Aren't roots a little tender for bleach dips? Couldn't that kill the Val, too?


----------



## varanidguy (Sep 8, 2017)

Cichlid-140 said:


> Aren't roots a little tender for bleach dips? Couldn't that kill the Val, too?


That's what I've always read. Don't dip roots, only leaves.


----------



## OVT (Nov 29, 2011)

Well, whether the dip would kill the plants was not the question. ....

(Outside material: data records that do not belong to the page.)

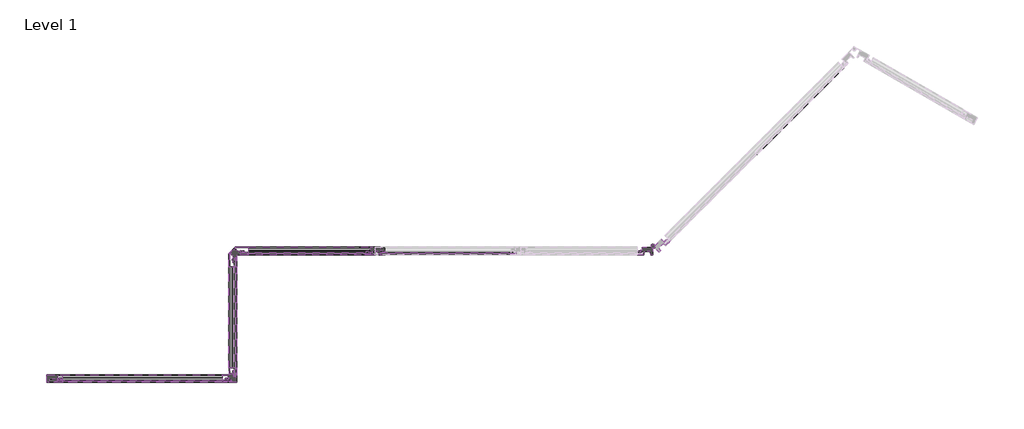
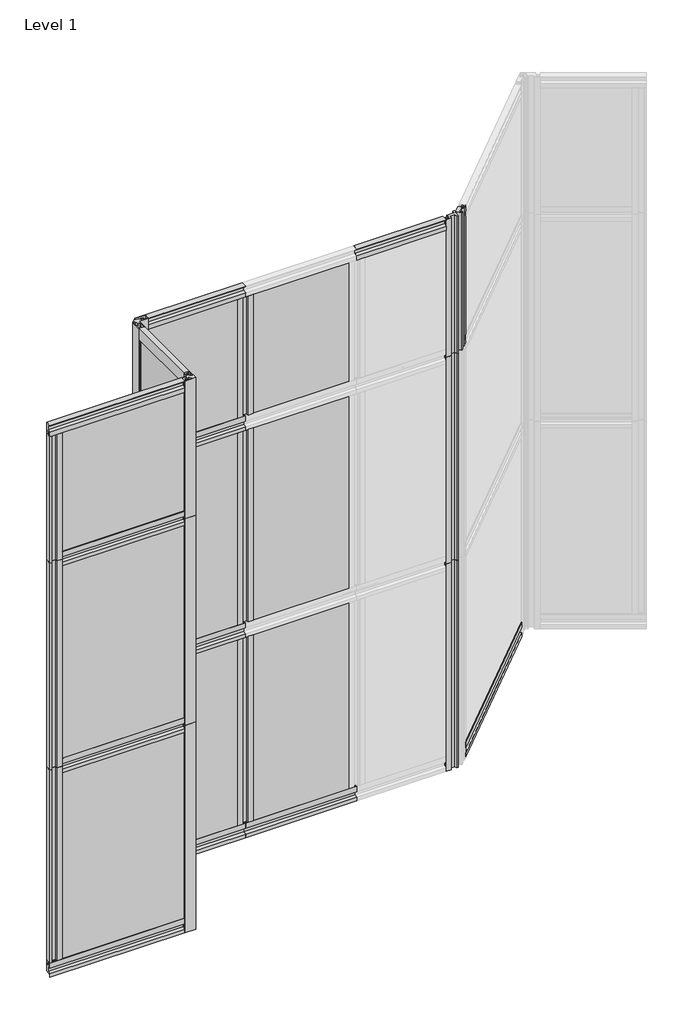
# One storey, part 1 of 2: 37 members, 12 plates.
"""IFC4 building model written with IfcOpenShell, lengths in millimetres."""

from ifc_helpers import new_model, si_unit, origin, place, context, project, spatial, transform, mapped, element, save
from components import rectangular_mullion_b117a677, rectangular_mullion_e98db40d, rectangular_mullion_f8fcbe93, rectangular_mullion_147a11e0, rectangular_mullion_c74983ad, rectangular_mullion_quickpanel_reveal_general_horizontal_aab3e2a9, rectangular_mullion_quickpanel_reveal_general_horizontal_43e5e7cb, rectangular_mullion_quickpanel_reveal_general_horizontal_b46f4490, rectangular_mullion_quickpanel_reveal_general_horizontal_74594d05, rectangular_mullion_quickpanel_reveal_general_horizontal_d0f672b7, rectangular_mullion_quickpanel_reveal_general_horizontal_5481c417, rectangular_mullion_quickpanel_reveal_general_horizontal_a96b2838, rectangular_mullion_quickpanel_reveal_general_horizontal_5eff034f, rectangular_mullion_quickpanel_reveal_inside_corner_trim_4e34491d, rectangular_mullion_quickpanel_reveal_inside_corner_trim_36ff3354, rectangular_mullion_quickpanel_reveal_inside_corner_trim_136b32a6, rectangular_mullion_quickpanel_reveal_outside_corner_trim_44ce5f77, rectangular_mullion_quickpanel_reveal_outside_corner_trim_5e5925ea, rectangular_mullion_quickpanel_reveal_outside_corner_trim_b60b09aa, rectangular_mullion_quickpanel_reveal_outside_corner_trim_eb6b40db, rectangular_mullion_quickpanel_reveal_outside_corner_trim_54773243, rectangular_mullion_quickpanel_reveal_outside_corner_trim_e17033c3, rectangular_mullion_quickpanel_reveal_soffit_termination_top_86d96742, rectangular_mullion_quickpanel_reveal_soffit_termination_top_7992bf26, rectangular_mullion_quickpanel_reveal_soffit_termination_top_08631cf9, rectangular_mullion_quickpanel_reveal_soffit_termination_top_86654360, rectangular_mullion_quickpanel_reveal_vertical_main_wall_7fc4f1b1, rectangular_mullion_quickpanel_reveal_vertical_main_wall_c7273b40, rectangular_mullion_quickpanel_reveal_vertical_termination_2aad5a0d, rectangular_mullion_quickpanel_reveal_vertical_termination_442d93d2, rectangular_mullion_quickpanel_reveal_vertical_termination_3d01a0f3, quickpanel_4mm_acm_panel_4mm_acm_1ffc63b3, quickpanel_4mm_acm_panel_4mm_acm_23777331, quickpanel_4mm_acm_panel_4mm_acm_d2320506, quickpanel_4mm_acm_panel_4mm_acm_f933fc8c, quickpanel_4mm_acm_panel_4mm_acm_5b2d26fe, quickpanel_4mm_acm_panel_4mm_acm_3d8c0663, quickpanel_4mm_acm_panel_4mm_acm_73361369, quickpanel_4mm_acm_panel_4mm_acm_184e3744, quickpanel_4mm_acm_panel_4mm_acm_177c280e, quickpanel_4mm_acm_panel_4mm_acm_775fb91e, quickpanel_4mm_acm_panel_4mm_acm_898fefb8, quickpanel_4mm_acm_panel_4mm_acm_554f1ddd

model = new_model("IFC4")

# Units and contexts
model_context = context("Model", 3, world=origin())
ifc_project = project(units=[si_unit("LENGTHUNIT", "METRE", prefix="MILLI")], contexts=[model_context])

# Site, building, storey
site = spatial("IfcSite", under=ifc_project)
building = spatial("IfcBuilding", under=site)
storey = spatial("IfcBuildingStorey", under=building, Name="Level 1", Elevation=0.0)

# Members
placement = place(None, origin())
rectangular_mullion_shape = rectangular_mullion_b117a677(model_context)
element("IfcMember", 1, ObjectType="Rectangular Mullion : QuickPanel-Reveal_Multi-Angle-Outside-Corner-Trim-Right", at=placement, inside=storey, context=model_context, shape_type="MappedRepresentation", body=[
    mapped(rectangular_mullion_shape, transform((-497.6661056, 1944.969178, 763.2962426), x_axis=(1.0, 0.0, 0.0), y_axis=(0.0, -1.0, 0.0), z_axis=(0.0, 0.0, -1.0))),
])
rectangular_mullion_2_shape = rectangular_mullion_e98db40d(model_context)
element("IfcMember", 2, ObjectType="Rectangular Mullion : QuickPanel-Reveal_Multi-Angle-Outside-Corner-Trim-Right", at=placement, inside=storey, context=model_context, shape_type="MappedRepresentation", body=[
    mapped(rectangular_mullion_2_shape, transform((-497.6661056, 1944.969178, 1525.2962426), x_axis=(1.0, 0.0, 0.0), y_axis=(0.0, -1.0, 0.0), z_axis=(0.0, 0.0, -1.0))),
])
rectangular_mullion_3_shape = rectangular_mullion_f8fcbe93(model_context)
element("IfcMember", 3, ObjectType="Rectangular Mullion : QuickPanel-Reveal_Multi-Angle-Outside-Corner-Trim-Right", at=placement, inside=storey, context=model_context, shape_type="MappedRepresentation", body=[
    mapped(rectangular_mullion_3_shape, transform((-497.6661056, 1944.969178, 0.0), x_axis=(1.0, 0.0, 0.0), y_axis=(0.0, -1.0, 0.0), z_axis=(0.0, 0.0, -1.0))),
])
rectangular_mullion_4_shape = rectangular_mullion_147a11e0(model_context)
element("IfcMember", 4, ObjectType="Rectangular Mullion : QuickPanel-Reveal_Multi-Angle-Outside-Corner-Trim-Left", at=placement, inside=storey, context=model_context, shape_type="MappedRepresentation", body=[
    mapped(rectangular_mullion_4_shape, transform((-497.1888824, 1945.1439745, 2032.0), x_axis=(-0.7071067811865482, -0.7071067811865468, 0.0), y_axis=(0.7071067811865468, -0.7071067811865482, 0.0), z_axis=(0.0, 0.0, 1.0))),
])
rectangular_mullion_5_shape = rectangular_mullion_c74983ad(model_context)
element("IfcMember", 5, ObjectType="Rectangular Mullion : QuickPanel-Reveal_Projecting-Window-Jamb-Trim-Right", at=placement, inside=storey, context=model_context, shape_type="MappedRepresentation", body=[
    mapped(rectangular_mullion_5_shape, transform((-1243.2812701, 1944.969178, 791.7293373), x_axis=(1.0, 0.0, 0.0), y_axis=(0.0, -1.0, 0.0), z_axis=(0.0, 0.0, -1.0))),
])
rectangular_mullion_quickpanel_reveal_general_horizontal_shape = rectangular_mullion_quickpanel_reveal_general_horizontal_aab3e2a9(model_context)
element("IfcMember", 6, ObjectType="Rectangular Mullion : QuickPanel-Reveal_General-Horizontal-Trim", at=placement, inside=storey, context=model_context, shape_type="MappedRepresentation", body=[
    mapped(rectangular_mullion_quickpanel_reveal_general_horizontal_shape, transform((-1625.8597137, 1900.7793134, 763.2962426), x_axis=(0.0, 0.0, 1.0), y_axis=(1.0, 0.0, 0.0), z_axis=(0.0, 1.0, 0.0))),
])
element("IfcMember", 7, ObjectType="Rectangular Mullion : QuickPanel-Reveal_General-Horizontal-Trim", at=placement, inside=storey, context=model_context, shape_type="MappedRepresentation", body=[
    mapped(rectangular_mullion_quickpanel_reveal_general_horizontal_shape, transform((-1625.8597137, 1900.7793134, 1525.2962426), x_axis=(0.0, 0.0, 1.0), y_axis=(1.0, 0.0, 0.0), z_axis=(0.0, 1.0, 0.0))),
])
rectangular_mullion_quickpanel_reveal_general_horizontal_2_shape = rectangular_mullion_quickpanel_reveal_general_horizontal_43e5e7cb(model_context)
element("IfcMember", 8, ObjectType="Rectangular Mullion : QuickPanel-Reveal_General-Horizontal-Trim", at=placement, inside=storey, context=model_context, shape_type="MappedRepresentation", body=[
    mapped(rectangular_mullion_quickpanel_reveal_general_horizontal_2_shape, transform((-464.1603732, 1978.1724837, 0.0), x_axis=(0.0, 0.0, -1.0), y_axis=(0.7071067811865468, -0.7071067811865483, 0.0), z_axis=(-0.7071067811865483, -0.7071067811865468, 0.0))),
])
rectangular_mullion_quickpanel_reveal_general_horizontal_3_shape = rectangular_mullion_quickpanel_reveal_general_horizontal_b46f4490(model_context)
element("IfcMember", 9, ObjectType="Rectangular Mullion : QuickPanel-Reveal_General-Horizontal-Trim", at=placement, inside=storey, context=model_context, shape_type="MappedRepresentation", body=[
    mapped(rectangular_mullion_quickpanel_reveal_general_horizontal_3_shape, transform((-1581.6698491, 1944.969178, 0.0), x_axis=(0.0, 0.0, -1.0), y_axis=(0.0, -1.0, 0.0), z_axis=(-1.0, 0.0, 0.0))),
])
rectangular_mullion_quickpanel_reveal_general_horizontal_4_shape = rectangular_mullion_quickpanel_reveal_general_horizontal_74594d05(model_context)
element("IfcMember", 10, ObjectType="Rectangular Mullion : QuickPanel-Reveal_General-Horizontal-Trim", at=placement, inside=storey, context=model_context, shape_type="MappedRepresentation", body=[
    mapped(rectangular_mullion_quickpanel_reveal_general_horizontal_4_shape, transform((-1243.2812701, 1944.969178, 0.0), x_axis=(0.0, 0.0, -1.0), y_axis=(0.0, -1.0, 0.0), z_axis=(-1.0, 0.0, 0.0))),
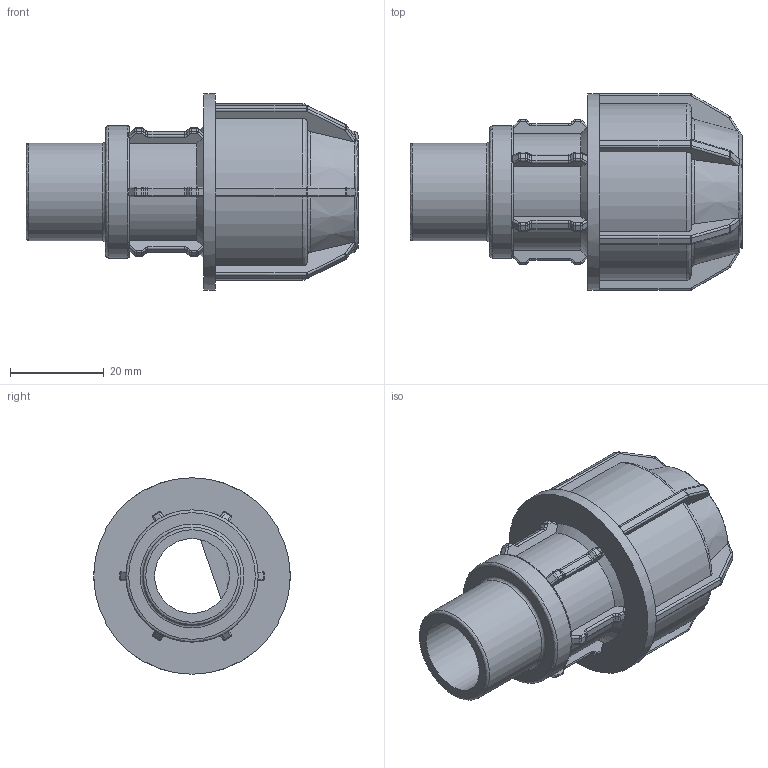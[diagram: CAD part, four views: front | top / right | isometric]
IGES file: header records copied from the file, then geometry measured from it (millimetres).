
Global section: file name: 140200020005.ipt; native system: Autodesk Inventor 2015; preprocessor: unknown; author: KIM; date: 20180409.130927; units: millimetre
Bounding box: 71 x 42 x 42 mm (x, y, z)
Volume: 30880.5 mm3; surface area: 14146.4 mm2
Topology: 1 solids, 1 shells, 470 faces, 1170 edges, 701 vertices
Faces by surface type: cylinder 171, plane 158, revolution 129, cone 12
Full cylindrical faces by diameter (mm): 20.955 x1, 28.289 x1, 42 x1
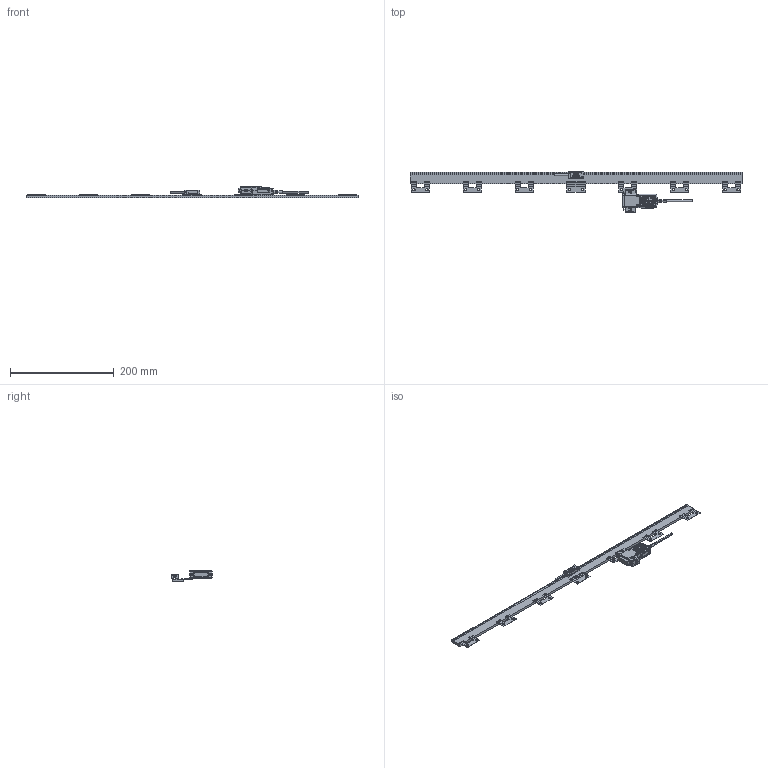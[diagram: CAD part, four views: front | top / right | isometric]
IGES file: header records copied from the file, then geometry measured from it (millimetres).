
Start section: Elysium IGES Interface
Global section: file name: 78H\\Utsu119s\kiyo_cad\data\3D\ST46EZA\HP掲載用_201708\ST46EZA-A\ST46EZA-600A.igs; native system: Creo Elements/Direct Modeling 18.1B  29-Sep-2012; preprocessor: Creo Element/Direct IGES_3D V2.2; author: Unknown; organization: Unknown; date: 20170912.145229; units: millimetre
Bounding box: 640 x 78.25 x 21.95 mm (x, y, z)
Volume: 72378.6 mm3; surface area: 56502.8 mm2
Topology: 3 solids, 8 shells, 2623 faces, 6997 edges, 4550 vertices
Faces by surface type: bspline 2623
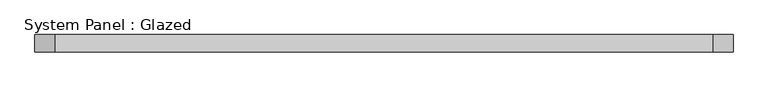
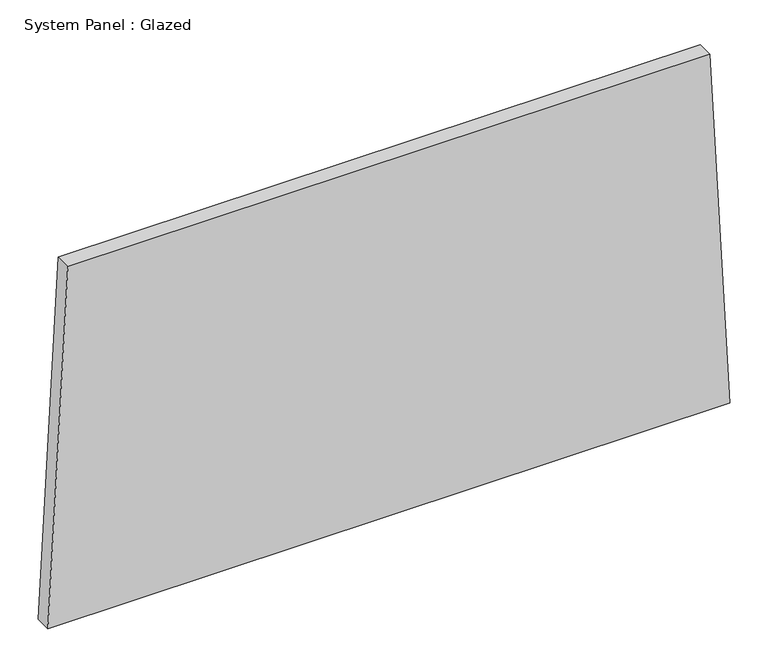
"""IFC4 building model written with IfcOpenShell, lengths in millimetres: plate geometry, System Panel : Glazed."""

from ifc_helpers import new_model, si_unit, frame, origin, place, context, project, spatial, polyline, outline, extrude, source, transform, mapped, element, save


def system_panel_glazed_65729b9c(model_context):
    return source(origin(), model_context, "Body", "SweptSolid", [
        extrude(outline(polyline([(0.0, -517.518032), (0.0, 517.518032), (570.6406327, 487.1858142), (570.6406327, -487.1858142), (0.0, -517.518032)])), frame((0.0, -44.45, 0.0), z_axis=(0.0, 1.0, 0.0), x_axis=(0.0, 0.0, 1.0)), (0.0, 0.0, 1.0), 25.4),
    ])


if __name__ == "__main__":
    model = new_model("IFC4")
    model_context = context("Model", 3, world=origin())
    ifc_project = project(units=[si_unit("LENGTHUNIT", "METRE", prefix="MILLI")], contexts=[model_context])
    site = spatial("IfcSite", under=ifc_project)
    building = spatial("IfcBuilding", under=site)
    placement = place(None, origin())
    system_panel_glazed_shape = system_panel_glazed_65729b9c(model_context)
    element("IfcPlate", 1, ObjectType="System Panel : Glazed", at=placement, inside=building, context=model_context, shape_type="MappedRepresentation", body=[
        mapped(system_panel_glazed_shape, transform((0.0, 0.0, 0.0), x_axis=(1.0, 0.0, 0.0), y_axis=(0.0, 1.0, 0.0), z_axis=(0.0, 0.0, 1.0))),
    ])
    save(model, "model.ifc")
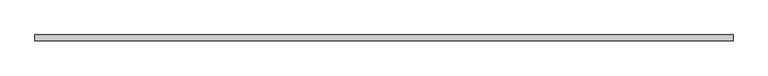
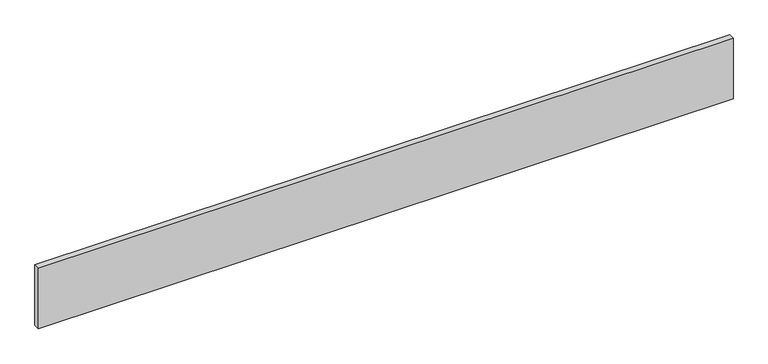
"""IFC4 building model written with IfcOpenShell, lengths in millimetres: beam geometry, Trus Joist - Rim Board Material : TJ® Rim Board – 11 7/8 x 1 1/8”."""

from ifc_helpers import new_model, si_unit, frame, origin, place, context, project, spatial, polyline, outline, extrude, source, transform, mapped, element, save


def beam_510adf8d(model_context):
    return source(origin(), model_context, "Body", "SweptSolid", [
        extrude(outline(polyline([(1638.3, -14.2875), (-1638.3, -14.2875), (-1638.3, 14.2875), (1638.3, 14.2875), (1638.3, -14.2875)])), frame((0.0, 0.0, -150.8125), z_axis=(0.0, 0.0, 1.0), x_axis=(1.0, 0.0, 0.0)), (0.0, 0.0, 1.0), 301.625),
    ])


if __name__ == "__main__":
    model = new_model("IFC4")
    model_context = context("Model", 3, world=origin())
    ifc_project = project(units=[si_unit("LENGTHUNIT", "METRE", prefix="MILLI")], contexts=[model_context])
    site = spatial("IfcSite", under=ifc_project)
    building = spatial("IfcBuilding", under=site)
    placement = place(None, origin())
    beam_shape = beam_510adf8d(model_context)
    element("IfcBeam", 1, ObjectType="Trus Joist - Rim Board Material : TJ® Rim Board – 11 7/8 x 1 1/8”", at=placement, inside=building, context=model_context, shape_type="MappedRepresentation", body=[
        mapped(beam_shape, transform((0.0, 0.0, 0.0), x_axis=(1.0, 0.0, 0.0), y_axis=(0.0, 1.0, 0.0), z_axis=(0.0, 0.0, 1.0))),
    ])
    save(model, "model.ifc")
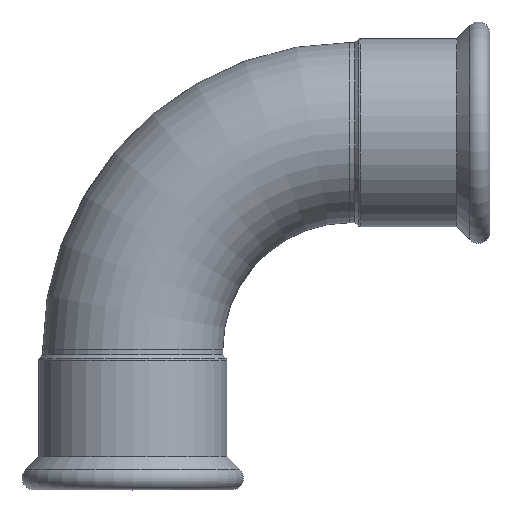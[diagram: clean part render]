
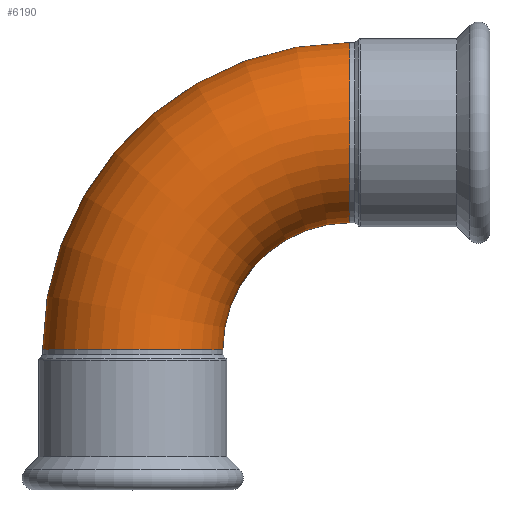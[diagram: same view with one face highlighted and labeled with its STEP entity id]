
A CAD part, top view. The second image highlights one B-rep face of the part: STEP entity #6190.
In plain terms, the highlighted toroidal (fillet/blend) face has major radius 130 mm and minor radius 54 mm.
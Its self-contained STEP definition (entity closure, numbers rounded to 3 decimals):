
#5030=CARTESIAN_POINT('',(1.,54.,0.));
#5040=VERTEX_POINT('',#5030);
#5130=CARTESIAN_POINT('',(1.,-54.,0.));
#5140=VERTEX_POINT('',#5130);
#5170=CARTESIAN_POINT('',(1.,0.,0.));
#5180=DIRECTION('',(1.,0.,0.));
#5190=DIRECTION('',(0.,-1.,0.));
#5200=AXIS2_PLACEMENT_3D('',#5170,#5180,#5190);
#5210=CIRCLE('',#5200,54.);
#5220=CARTESIAN_POINT('',(1.,0.,54.));
#5230=VERTEX_POINT('',#5220);
#5240=EDGE_CURVE('',#5230,#5140,#5210,.T.);
#5260=EDGE_CURVE('',#5040,#5230,#5210,.T.);
#5360=CARTESIAN_POINT('',(-129.,130.,0.));
#5370=DIRECTION('',(0.,-1.,0.));
#5380=DIRECTION('',(-1.,0.,0.));
#5390=AXIS2_PLACEMENT_3D('',#5360,#5370,#5380);
#5400=CIRCLE('',#5390,54.);
#5410=CARTESIAN_POINT('',(-129.,130.,54.));
#5420=VERTEX_POINT('',#5410);
#5430=CARTESIAN_POINT('',(-183.,130.,0.));
#5440=VERTEX_POINT('',#5430);
#5450=EDGE_CURVE('',#5420,#5440,#5400,.T.);
#5590=CARTESIAN_POINT('',(-75.,130.,0.));
#5600=VERTEX_POINT('',#5590);
#5630=EDGE_CURVE('',#5600,#5420,#5400,.T.);
#5940=CARTESIAN_POINT('',(1.,130.,0.));
#5950=DIRECTION('',(0.,0.,1.));
#5960=DIRECTION('',(-1.,0.,0.));
#5970=AXIS2_PLACEMENT_3D('',#5940,#5950,#5960);
#5980=TOROIDAL_SURFACE('',#5970,130.,54.);
#5990=ORIENTED_EDGE('',*,*,#5240,.F.);
#6000=CARTESIAN_POINT('',(1.,130.,0.));
#6010=DIRECTION('',(0.,0.,1.));
#6020=DIRECTION('',(-1.,0.,0.));
#6030=AXIS2_PLACEMENT_3D('',#6000,#6010,#6020);
#6040=CIRCLE('',#6030,184.);
#6050=EDGE_CURVE('',#5440,#5140,#6040,.T.);
#6060=ORIENTED_EDGE('',*,*,#6050,.T.);
#6070=ORIENTED_EDGE('',*,*,#5450,.T.);
#6080=ORIENTED_EDGE('',*,*,#5630,.T.);
#6090=CARTESIAN_POINT('',(1.,130.,0.));
#6100=DIRECTION('',(0.,0.,1.));
#6110=DIRECTION('',(-1.,0.,0.));
#6120=AXIS2_PLACEMENT_3D('',#6090,#6100,#6110);
#6130=CIRCLE('',#6120,76.);
#6140=EDGE_CURVE('',#5600,#5040,#6130,.T.);
#6150=ORIENTED_EDGE('',*,*,#6140,.F.);
#6160=ORIENTED_EDGE('',*,*,#5260,.F.);
#6170=EDGE_LOOP('',(#6160,#6150,#6080,#6070,#6060,#5990));
#6180=FACE_OUTER_BOUND('',#6170,.T.);
#6190=ADVANCED_FACE('',(#6180),#5980,.T.);

I am pretty sure the plants will suffer, and, most likely, die, whether dipping roots or leaves. Anubias and Java Fern might survive, but not many other plants. In my oppinion, bleach should not be anywhere near a running tank. Hair algae is a symptom, not the cause. Fix the cause.


----------



## Ken Keating1 (Nov 22, 2017)

+1 on what OVT states. Even if bleach could kill the algae without harming the plant, algae would just come back. It's best to remove the conditon(s) causing the algae.


----------



## PlantedRich (Jul 21, 2010)

Understanding how the bleach works is something of a key to how to use it. It is an oxidizer and that makes it work very much the same as other oxidizers like hydrogen peroxide. It does the same thing and we need to use it much the same way as it is strong and will combine/react with most organics. In this definition we are speaking of carbon bearing items, not the organic as used in stores and food. That reaction can be used to neutralize things like pesticides, oils, or diseases like in our water but it also does react with the organics like plant roots in the same way peroxide will. If it is used too strong, it kills the plant. It's not that one or the other product is good or bad but more a matter of how strong and how long we make the reaction. 
And that is where things get really tricky as there is no firm way to say how much or how long to use to kill algae but not roots. I would suggest using other methods to remove the algae from roots and then work to sort out why the algae is a problem in that spot. 
If I had lots of spare plants, I might try a few with really low doses of bleach and very short times, following very quickly with a good rinse but I would only do it on plants that were expendable. I might guess the loss would be too high in plants of any value.


----------



## bettang (Oct 30, 2017)

OVT said:


> Well, whether the dip would kill the plants was not the question. ....
> 
> I am pretty sure the plants will suffer, and, most likely, die, whether dipping roots or leaves. Anubias and Java Fern might survive, but not many other plants. In my oppinion, bleach should not be anywhere near a running tank. Hair algae is a symptom, not the cause. Fix the cause.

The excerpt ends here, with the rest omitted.